Although PrEP has been shown to be highly effective if taken correctly, patients are recommended to always use a condom during sex. This not only reduces the risk of HIV infection further, but also protects against other STIs. Full screening for STIs should be carried out every three months. Individuals should be encouraged to find out the HIV status of their partners.

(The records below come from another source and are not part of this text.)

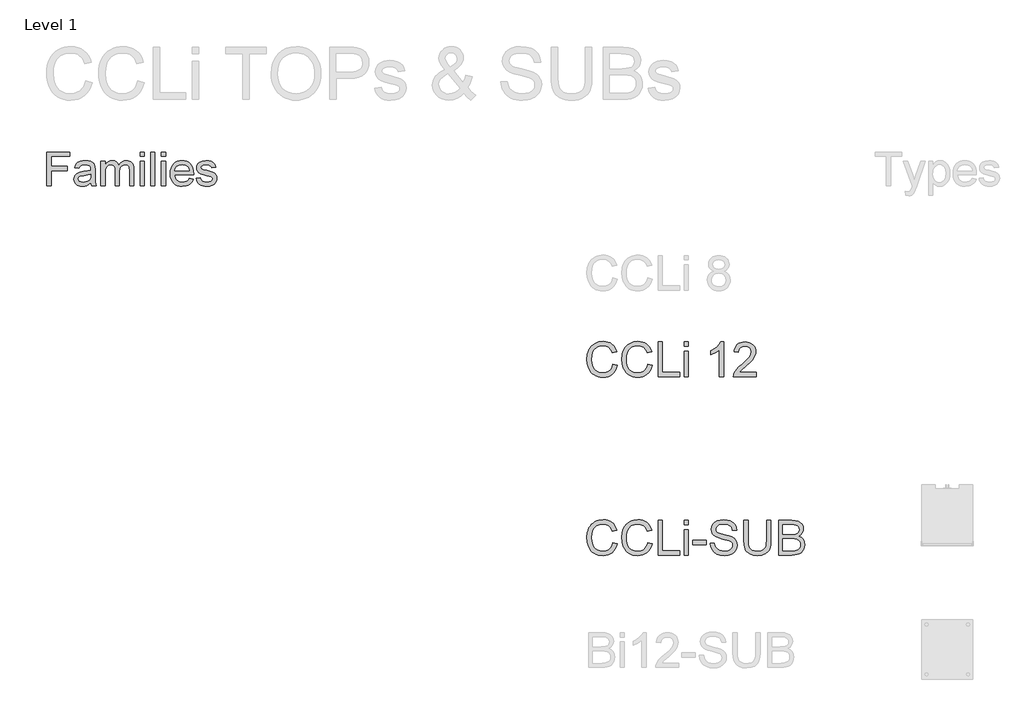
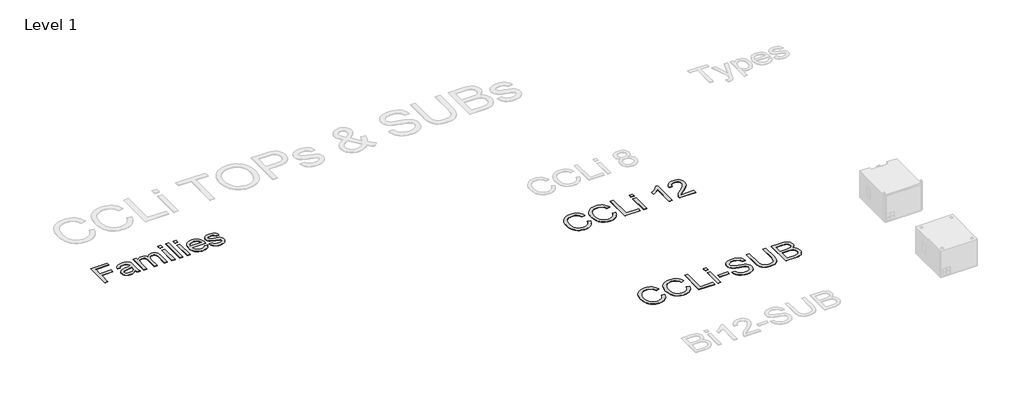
# One storey, part 29 of 31: 3 proxies.
"""IFC4 building model written with IfcOpenShell, lengths in millimetres."""

from ifc_helpers import new_model, si_unit, origin, origin_with_axes, place, context, project, spatial, polyline, outline, extrude, element, save

model = new_model("IFC4")

# Units and contexts
model_context = context("Model", 3, world=origin())
ifc_project = project(units=[si_unit("LENGTHUNIT", "METRE", prefix="MILLI")], contexts=[model_context])

# Site, building, storey
site = spatial("IfcSite", under=ifc_project)
building = spatial("IfcBuilding", under=site)
storey = spatial("IfcBuildingStorey", under=building, Name="Level 1", Elevation=0.0)

# Proxies
placement = place(None, origin())
element("IfcBuildingElementProxy", 1, Name="400mm Arial", ObjectType="400mm Arial", at=placement, inside=storey, context=model_context, shape_type="SweptSolid", body=[
    extrude(outline(polyline([(1556.1023034, 17351.3054836), (1556.1023034, 17743.0630593), (1819.3144246, 17743.0630593), (1819.3144246, 17694.0933624), (1605.0720003, 17694.0933624), (1605.0720003, 17577.7903321), (1788.708364, 17577.7903321), (1788.708364, 17528.8206351), (1605.0720003, 17528.8206351), (1605.0720003, 17351.3054836), (1556.1023034, 17351.3054836)])), origin_with_axes(), (0.0, 0.0, 1.0), 5.0),
    extrude(outline(polyline([(2064.1629094, 17388.0327563), (2040.7660107, 17367.97144), (2016.6756935, 17354.8443093), (1991.3420051, 17347.5992809), (1964.2149928, 17345.1842715), (1942.4111634, 17346.6368638), (1923.2913422, 17350.9946408), (1906.855529, 17358.2576024), (1893.1037238, 17368.4257487), (1882.2451478, 17380.8534831), (1874.4890221, 17394.895209), (1869.8353467, 17410.5509263), (1868.2841215, 17427.8206351), (1870.6273981, 17448.1210612), (1877.6572276, 17466.5564305), (1888.5008592, 17482.3376805), (1902.285542, 17494.6757487), (1936.5738943, 17510.7439305), (1978.9441594, 17518.1085139), (2029.0137617, 17525.855673), (2063.8759776, 17534.9418472), (2064.1629094, 17545.8452563), (2060.7914606, 17567.6998965), (2050.677114, 17581.9986654), (2028.0573223, 17592.6151427), (1996.5426443, 17596.1539684), (1967.3712428, 17593.7987364), (1946.9990837, 17586.7330404), (1933.1068015, 17573.6656872), (1923.3750306, 17553.3054836), (1874.4053337, 17559.4266957), (1882.9056888, 17586.2069987), (1895.5904662, 17607.2486654), (1913.6432598, 17623.3407582), (1938.2476632, 17635.2723396), (1968.3396376, 17642.660834), (2002.8551443, 17645.1236654), (2035.9599028, 17642.9477658), (2062.2022087, 17636.4200669), (2081.9885486, 17626.6046076), (2095.7254094, 17614.5654268), (2104.8354946, 17599.6808387), (2110.7415079, 17581.3291578), (2113.1326064, 17538.480673), (2113.1326064, 17477.5554836), (2115.6193488, 17392.4801995), (2125.3750306, 17351.3054836), (2076.4053337, 17351.3054836), (2068.5625306, 17368.3301048), (2064.1629094, 17388.0327563)]), holes=[polyline([(2064.1629094, 17485.9721502), (2031.2613943, 17477.8185044), (1985.1610155, 17470.9560518), (1943.0298602, 17463.0176048), (1932.0666736, 17457.5898112), (1923.9488943, 17450.105673), (1918.9275875, 17441.1390536), (1917.2538185, 17431.2638169), (1920.9002437, 17416.7020271), (1931.8395193, 17404.7704457), (1949.8325354, 17396.8080877), (1974.6401821, 17394.1539684), (2000.9422655, 17397.0830641), (2024.1837428, 17405.870351), (2043.0255988, 17418.8181493), (2056.1288185, 17434.228779), (2061.9391878, 17450.105673), (2063.8759776, 17472.103779), (2064.1629094, 17485.9721502)])]), origin_with_axes(), (0.0, 0.0, 1.0), 5.0),
    extrude(outline(polyline([(2180.4659397, 17351.3054836), (2180.4659397, 17639.0024533), (2229.4356367, 17639.0024533), (2229.4356367, 17591.6587033), (2244.1648034, 17613.405744), (2263.1023034, 17630.4423207), (2285.6025401, 17641.4533292), (2311.019917, 17645.1236654), (2338.2545287, 17641.3815963), (2360.0852579, 17630.1553889), (2376.3925496, 17612.1862838), (2387.0568488, 17588.2155215), (2404.906399, 17613.1128344), (2425.2666026, 17630.8966294), (2448.1374596, 17641.5669064), (2473.51897, 17645.1236654), (2493.1229887, 17643.6441732), (2510.3299312, 17639.2056966), (2525.1397974, 17631.8082357), (2537.5525875, 17621.4517904), (2547.3650579, 17608.0168058), (2554.3739653, 17591.3837269), (2558.5793098, 17571.5525539), (2559.9810912, 17548.5232866), (2559.9810912, 17351.3054836), (2511.0113943, 17351.3054836), (2511.0113943, 17527.4816199), (2506.4683071, 17568.369404), (2500.0840742, 17579.6434334), (2490.0175496, 17588.5024533), (2477.0697513, 17594.2410896), (2462.0416973, 17596.1539684), (2435.5124596, 17591.2522165), (2413.8849738, 17576.5469608), (2405.495207, 17565.2669537), (2399.5025164, 17551.03394), (2394.708364, 17513.7088927), (2394.708364, 17351.3054836), (2345.738667, 17351.3054836), (2345.738667, 17532.9333245), (2342.9052153, 17560.6222449), (2334.4048602, 17580.3727184), (2319.4485392, 17592.2086559), (2297.2471897, 17596.1539684), (2278.3814227, 17593.5237601), (2260.9981367, 17585.6331351), (2246.6515458, 17572.6733813), (2236.895864, 17554.8357866), (2231.3006935, 17530.0879173), (2229.4356367, 17496.3973396), (2229.4356367, 17351.3054836), (2180.4659397, 17351.3054836)])), origin_with_axes(), (0.0, 0.0, 1.0), 5.0),
    extrude(outline(polyline([(2633.4356367, 17694.0933624), (2633.4356367, 17743.0630593), (2682.4053337, 17743.0630593), (2682.4053337, 17694.0933624), (2633.4356367, 17694.0933624)])), origin_with_axes(), (0.0, 0.0, 1.0), 5.0),
    extrude(outline(polyline([(2633.4356367, 17351.3054836), (2633.4356367, 17639.0024533), (2682.4053337, 17639.0024533), (2682.4053337, 17351.3054836), (2633.4356367, 17351.3054836)])), origin_with_axes(), (0.0, 0.0, 1.0), 5.0),
    extrude(outline(polyline([(2755.8598791, 17351.3054836), (2755.8598791, 17743.0630593), (2804.8295761, 17743.0630593), (2804.8295761, 17351.3054836), (2755.8598791, 17351.3054836)])), origin_with_axes(), (0.0, 0.0, 1.0), 5.0),
    extrude(outline(polyline([(2878.2841215, 17694.0933624), (2878.2841215, 17743.0630593), (2927.2538185, 17743.0630593), (2927.2538185, 17694.0933624), (2878.2841215, 17694.0933624)])), origin_with_axes(), (0.0, 0.0, 1.0), 5.0),
    extrude(outline(polyline([(2878.2841215, 17351.3054836), (2878.2841215, 17639.0024533), (2927.2538185, 17639.0024533), (2927.2538185, 17351.3054836), (2878.2841215, 17351.3054836)])), origin_with_axes(), (0.0, 0.0, 1.0), 5.0),
    extrude(outline(polyline([(3202.1345003, 17437.0024533), (3250.1477579, 17430.8812411), (3242.7861634, 17411.6508316), (3232.8481604, 17394.7039211), (3220.3337487, 17380.0405096), (3205.2429284, 17367.6605972), (3187.7311208, 17357.8272047), (3167.9537475, 17350.8033529), (3121.6023034, 17345.1842715), (3091.2174194, 17347.6082475), (3064.1442068, 17354.8801758), (3040.3826656, 17367.0000563), (3019.9327958, 17383.9678889), (3003.488016, 17405.3114317), (2991.7417446, 17430.5584429), (2984.6939819, 17459.7089223), (2982.3447276, 17492.7628699), (2984.7178929, 17526.937645), (2991.8373886, 17557.0595082), (3003.7032148, 17583.1284594), (3020.3153715, 17605.1444987), (3040.7114416, 17622.6353841), (3063.9290079, 17635.1288737), (3089.9680704, 17642.6249675), (3118.8286291, 17645.1236654), (3146.7596483, 17642.6309452), (3172.0186149, 17635.1527847), (3194.605529, 17622.6891839), (3214.5203905, 17605.2401427), (3230.7768713, 17583.2719253), (3242.3886433, 17557.2507961), (3249.3557065, 17527.1767549), (3251.6780609, 17493.0498018), (3251.3911291, 17479.8509381), (3031.3144246, 17479.8509381), (3034.1508652, 17460.3096858), (3039.7908687, 17443.1953983), (3048.2344352, 17428.5080759), (3059.4815647, 17416.2477184), (3087.8997702, 17399.6774059), (3122.5587428, 17394.1539684), (3148.6217162, 17396.7124438), (3170.5720003, 17404.3878699), (3188.409595, 17417.6584665), (3202.1345003, 17437.0024533)]), holes=[polyline([(3031.3144246, 17528.8206351), (3202.708364, 17528.8206351), (3196.0850212, 17554.6923207), (3183.1013564, 17573.199423), (3169.7470714, 17583.2420366), (3154.5516405, 17590.4153321), (3118.6373412, 17596.1539684), (3085.6282267, 17591.5750148), (3058.3338375, 17577.838154), (3039.360471, 17556.4258671), (3031.3144246, 17528.8206351)])]), origin_with_axes(), (0.0, 0.0, 1.0), 5.0),
    extrude(outline(polyline([(3282.2841215, 17437.0024533), (3331.2538185, 17443.1236654), (3338.9770666, 17422.1776427), (3353.9214321, 17406.7789684), (3376.182559, 17397.3102184), (3405.8560912, 17394.1539684), (3435.1709587, 17397.0471976), (3455.7822276, 17405.7268851), (3467.9768299, 17418.3040631), (3472.0416973, 17432.8897639), (3467.9529189, 17445.371298), (3455.6865837, 17454.8878699), (3405.2822276, 17468.8518851), (3331.5407503, 17492.8106919), (3312.8782267, 17504.8498728), (3299.3565647, 17520.7865442), (3291.1431414, 17539.6044893), (3288.4053337, 17560.2874911), (3290.6051443, 17579.2608576), (3297.2045761, 17596.775654), (3307.6058545, 17612.1384618), (3321.2112049, 17624.6558624), (3352.3433071, 17639.1459192), (3394.4744625, 17645.1236654), (3426.3478053, 17642.7206114), (3454.0606367, 17635.5114495), (3476.3456746, 17624.2015536), (3491.9356367, 17609.496298), (3502.2651821, 17590.3077326), (3508.76897, 17565.5479078), (3459.7992731, 17559.4266957), (3453.6182835, 17574.8373254), (3441.3878147, 17586.4461086), (3422.9883119, 17593.7270035), (3398.30022, 17596.1539684), (3370.1809018, 17593.8346029), (3351.4346897, 17586.8765063), (3340.8899454, 17576.8338927), (3337.3750306, 17565.260976), (3343.2093109, 17551.010029), (3361.4773034, 17540.2022639), (3403.6562806, 17529.7770745), (3475.5327011, 17506.7268851), (3494.5180231, 17495.7039211), (3508.9124359, 17480.6160896), (3517.9866547, 17461.4155688), (3521.0113943, 17438.0545366), (3517.460613, 17413.9044419), (3506.8082693, 17391.1890063), (3489.4608498, 17371.6895982), (3465.8248412, 17357.1875858), (3437.2751253, 17348.1851), (3405.1865837, 17345.1842715), (3378.8307006, 17346.630886), (3355.8104, 17350.9707298), (3336.1256817, 17358.2038027), (3319.7765458, 17368.3301048), (3306.4222607, 17381.3018141), (3295.722095, 17397.0711086), (3287.6760486, 17415.6379883), (3282.2841215, 17437.0024533)])), origin_with_axes(), (0.0, 0.0, 1.0), 5.0),
])
element("IfcBuildingElementProxy", 2, Name="400mm Arial", ObjectType="400mm Arial", at=placement, inside=storey, context=model_context, shape_type="SweptSolid", body=[
    extrude(outline(polyline([(8103.8257106, 15286.7361061), (8154.0538657, 15273.7866599), (8144.1149204, 15242.5504128), (8130.8773, 15215.2566344), (8114.3410043, 15191.9053248), (8094.5060334, 15172.4964839), (8071.819977, 15157.2385781), (8046.730425, 15146.340074), (8019.2373772, 15139.8009715), (7989.3408337, 15137.6212707), (7958.7115919, 15139.2706083), (7931.0805884, 15144.2186212), (7906.4478231, 15152.4653092), (7884.8132961, 15164.0106725), (7865.8796361, 15178.6830327), (7849.3494718, 15196.3107117), (7835.2228032, 15216.8937093), (7823.4996303, 15240.4320256), (7807.7174927, 15292.3033869), (7802.4567802, 15347.8535682), (7808.4042057, 15406.4449073), (7815.8384877, 15432.7423386), (7826.2464825, 15457.0409444), (7839.3951982, 15478.9391202), (7855.0516427, 15498.0352614), (7873.2158162, 15514.3293681), (7893.8877187, 15527.8214403), (7916.3653086, 15538.4011133), (7939.9465445, 15545.9580226), (7990.4199542, 15552.0035501), (8019.1484724, 15550.0476441), (8045.4918889, 15544.1799263), (8069.4502038, 15534.4003966), (8091.0234172, 15520.709055), (8109.8559096, 15503.4676522), (8125.592062, 15483.0379387), (8138.2318742, 15459.4199146), (8147.7753463, 15432.6135799), (8097.5471912, 15420.6451523), (8080.1341101, 15457.2739363), (8056.3444078, 15482.4002766), (8025.8837786, 15496.9316154), (7988.4579169, 15501.775395), (7945.3176216, 15496.4043179), (7926.6353476, 15489.6904715), (7909.8783227, 15480.2910865), (7882.9861489, 15455.127958), (7865.4872287, 15422.6071896), (7855.8855086, 15385.8435156), (7852.6849352, 15347.9516701), (7856.4741198, 15301.5494878), (7867.8416734, 15261.4258248), (7887.2167918, 15229.1135229), (7915.0286707, 15206.1454237), (7948.3710422, 15192.4234253), (7984.3376386, 15187.8494258), (8006.1745007, 15189.4067929), (8026.2639233, 15194.0788942), (8044.6059064, 15201.8657298), (8061.2004501, 15212.7672996), (8075.6551468, 15226.7345527), (8087.5775892, 15243.7184381), (8096.9677771, 15263.7189559), (8103.8257106, 15286.7361061)])), origin_with_axes(), (0.0, 0.0, 1.0), 5.0),
    extrude(outline(polyline([(8505.6509512, 15286.7361061), (8555.8791063, 15273.7866599), (8545.940161, 15242.5504128), (8532.7025406, 15215.2566344), (8516.1662449, 15191.9053248), (8496.331274, 15172.4964839), (8473.6452176, 15157.2385781), (8448.5556656, 15146.340074), (8421.0626178, 15139.8009715), (8391.1660743, 15137.6212707), (8360.5368325, 15139.2706083), (8332.905829, 15144.2186212), (8308.2730637, 15152.4653092), (8286.6385367, 15164.0106725), (8267.7048767, 15178.6830327), (8251.1747124, 15196.3107117), (8237.0480438, 15216.8937093), (8225.3248709, 15240.4320256), (8209.5427333, 15292.3033869), (8204.2820208, 15347.8535682), (8210.2294463, 15406.4449073), (8217.6637283, 15432.7423386), (8228.0717231, 15457.0409444), (8241.2204388, 15478.9391202), (8256.8768833, 15498.0352614), (8275.0410568, 15514.3293681), (8295.7129593, 15527.8214403), (8318.1905492, 15538.4011133), (8341.7717851, 15545.9580226), (8392.2451948, 15552.0035501), (8420.973713, 15550.0476441), (8447.3171295, 15544.1799263), (8471.2754444, 15534.4003966), (8492.8486578, 15520.709055), (8511.6811502, 15503.4676522), (8527.4173026, 15483.0379387), (8540.0571148, 15459.4199146), (8549.6005869, 15432.6135799), (8499.3724318, 15420.6451523), (8481.9593507, 15457.2739363), (8458.1696484, 15482.4002766), (8427.7090192, 15496.9316154), (8390.2831575, 15501.775395), (8347.1428622, 15496.4043179), (8328.4605882, 15489.6904715), (8311.7035633, 15480.2910865), (8284.8113895, 15455.127958), (8267.3124693, 15422.6071896), (8257.7107492, 15385.8435156), (8254.5101758, 15347.9516701), (8258.2993604, 15301.5494878), (8269.666914, 15261.4258248), (8289.0420324, 15229.1135229), (8316.8539113, 15206.1454237), (8350.1962828, 15192.4234253), (8386.1628792, 15187.8494258), (8407.9997413, 15189.4067929), (8428.0891639, 15194.0788942), (8446.431147, 15201.8657298), (8463.0256907, 15212.7672996), (8477.4803874, 15226.7345527), (8489.4028297, 15243.7184381), (8498.7930177, 15263.7189559), (8505.6509512, 15286.7361061)])), origin_with_axes(), (0.0, 0.0, 1.0), 5.0),
    extrude(outline(polyline([(8624.9428195, 15143.8997901), (8624.9428195, 15545.7250307), (8675.1709746, 15545.7250307), (8675.1709746, 15194.1279452), (8876.0835949, 15194.1279452), (8876.0835949, 15143.8997901), (8624.9428195, 15143.8997901)])), origin_with_axes(), (0.0, 0.0, 1.0), 5.0),
    extrude(outline(polyline([(8926.31175, 15143.8997901), (8926.31175, 15438.9902012), (8976.539905, 15438.9902012), (8976.539905, 15143.8997901), (8926.31175, 15143.8997901)])), origin_with_axes(), (0.0, 0.0, 1.0), 5.0),
    extrude(outline(polyline([(8926.31175, 15495.4968756), (8926.31175, 15545.7250307), (8976.539905, 15545.7250307), (8976.539905, 15495.4968756), (8926.31175, 15495.4968756)])), origin_with_axes(), (0.0, 0.0, 1.0), 5.0),
    extrude(outline(polyline([(9384.643665, 15143.8997901), (9334.4155099, 15143.8997901), (9334.4155099, 15457.0409444), (9313.4462362, 15440.0815844), (9286.8361052, 15423.1467499), (9233.9591998, 15397.7874177), (9233.9591998, 15445.2687205), (9273.4084124, 15466.7285036), (9307.5846498, 15492.2595141), (9334.5258745, 15519.4092053), (9352.2700494, 15545.7250307), (9384.643665, 15545.7250307), (9384.643665, 15143.8997901)])), origin_with_axes(), (0.0, 0.0, 1.0), 5.0),
    extrude(outline(polyline([(9761.3548281, 15194.1279452), (9761.3548281, 15143.8997901), (9497.6570139, 15143.8997901), (9498.7606599, 15161.5826513), (9503.0526165, 15178.5297486), (9515.4502398, 15205.5936007), (9533.6113476, 15231.8481124), (9559.8658593, 15259.3288974), (9596.5436942, 15290.0715695), (9650.7327121, 15338.2150599), (9683.2166923, 15373.7524607), (9699.4402883, 15402.5944091), (9704.8481536, 15430.6515426), (9699.7345939, 15455.8024083), (9684.3939147, 15476.7103684), (9660.8126788, 15490.8002488), (9630.977449, 15495.4968756), (9599.6461657, 15490.9106134), (9575.3046404, 15477.1518268), (9559.5960792, 15455.2996363), (9554.1636884, 15426.4331624), (9503.9355333, 15432.7116818), (9508.2550811, 15458.6412311), (9516.1124274, 15481.2966306), (9527.5075722, 15500.6778804), (9542.4405155, 15516.7849804), (9560.5679008, 15529.4462524), (9581.5463716, 15538.4900181), (9605.3759278, 15543.9162775), (9632.0565695, 15545.7250307), (9658.9763345, 15543.7139425), (9682.9346494, 15537.6806777), (9703.9315143, 15527.6252365), (9721.9669291, 15513.5476188), (9736.4522827, 15496.490157), (9746.7989638, 15477.4951833), (9753.0069725, 15456.5626978), (9755.0763087, 15433.6927004), (9752.8444913, 15409.6700061), (9746.1490389, 15386.0642448), (9734.2664505, 15362.0538132), (9716.4732247, 15336.8171084), (9688.1095228, 15306.687573), (9644.5155064, 15267.9986498), (9586.7335077, 15219.6834811), (9564.0719768, 15194.1279452), (9761.3548281, 15194.1279452)])), origin_with_axes(), (0.0, 0.0, 1.0), 5.0),
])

Patients should be reminded about the importance of ongoing monitoring whilst taking PrEP. Testing for HIV and STIs is carried out every three months. Renal function and testing for hepatitis C may be carried out every six-to-12 months.
If asked about taking PrEP during pregnancy, advise that there is limited information available for taking PrEP during pregnancy. However, there has been no indication of PrEP-related complications in pregnancy to date. For a pregnant woman whose risk of HIV infection is high and therefore has the potential to pass the virus to the foetus, it may be appropriate to take PrEP. A risk assessment would have to be carried out by the prescriber and an informed decision made by the individual before taking PrEP during pregnancy.4
PrEP is not currently reimbursed by the Health Service Executive (HSE) and therefore is not available under the GMS or Drugs Payment Scheme.